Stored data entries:
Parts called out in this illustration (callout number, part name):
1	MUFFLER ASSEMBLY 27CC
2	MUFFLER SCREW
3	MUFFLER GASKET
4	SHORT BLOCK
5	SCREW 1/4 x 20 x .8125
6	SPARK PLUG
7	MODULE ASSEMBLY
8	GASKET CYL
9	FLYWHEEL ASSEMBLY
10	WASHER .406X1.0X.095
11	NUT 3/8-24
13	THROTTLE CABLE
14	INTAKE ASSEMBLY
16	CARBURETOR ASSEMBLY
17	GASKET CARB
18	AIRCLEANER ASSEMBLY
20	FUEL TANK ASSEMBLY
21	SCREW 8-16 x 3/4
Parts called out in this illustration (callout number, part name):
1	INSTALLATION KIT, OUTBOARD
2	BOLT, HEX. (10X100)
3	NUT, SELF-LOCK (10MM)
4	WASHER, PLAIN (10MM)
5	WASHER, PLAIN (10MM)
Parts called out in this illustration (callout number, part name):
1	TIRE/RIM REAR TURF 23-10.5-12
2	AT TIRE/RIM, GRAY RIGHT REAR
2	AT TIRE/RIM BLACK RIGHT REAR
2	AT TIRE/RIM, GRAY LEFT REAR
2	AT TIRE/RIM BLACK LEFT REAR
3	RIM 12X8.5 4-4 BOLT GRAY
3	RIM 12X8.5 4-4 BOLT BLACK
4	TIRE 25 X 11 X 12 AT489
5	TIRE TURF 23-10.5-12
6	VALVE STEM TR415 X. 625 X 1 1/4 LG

→ Exercise prompt
Give every entry again in full, precisely as written above.

→ Answer for the task
Parts called out in this illustration (callout number, part name):
1	MUFFLER ASSEMBLY 27CC
2	MUFFLER SCREW
3	MUFFLER GASKET
4	SHORT BLOCK
5	SCREW 1/4 x 20 x .8125
6	SPARK PLUG
7	MODULE ASSEMBLY
8	GASKET CYL
9	FLYWHEEL ASSEMBLY
10	WASHER .406X1.0X.095
11	NUT 3/8-24
13	THROTTLE CABLE
14	INTAKE ASSEMBLY
16	CARBURETOR ASSEMBLY
17	GASKET CARB
18	AIRCLEANER ASSEMBLY
20	FUEL TANK ASSEMBLY
21	SCREW 8-16 x 3/4
Parts called out in this illustration (callout number, part name):
1	INSTALLATION KIT, OUTBOARD
2	BOLT, HEX. (10X100)
3	NUT, SELF-LOCK (10MM)
4	WASHER, PLAIN (10MM)
5	WASHER, PLAIN (10MM)
Parts called out in this illustration (callout number, part name):
1	TIRE/RIM REAR TURF 23-10.5-12
2	AT TIRE/RIM, GRAY RIGHT REAR
2	AT TIRE/RIM BLACK RIGHT REAR
2	AT TIRE/RIM, GRAY LEFT REAR
2	AT TIRE/RIM BLACK LEFT REAR
3	RIM 12X8.5 4-4 BOLT GRAY
3	RIM 12X8.5 4-4 BOLT BLACK
4	TIRE 25 X 11 X 12 AT489
5	TIRE TURF 23-10.5-12
6	VALVE STEM TR415 X. 625 X 1 1/4 LG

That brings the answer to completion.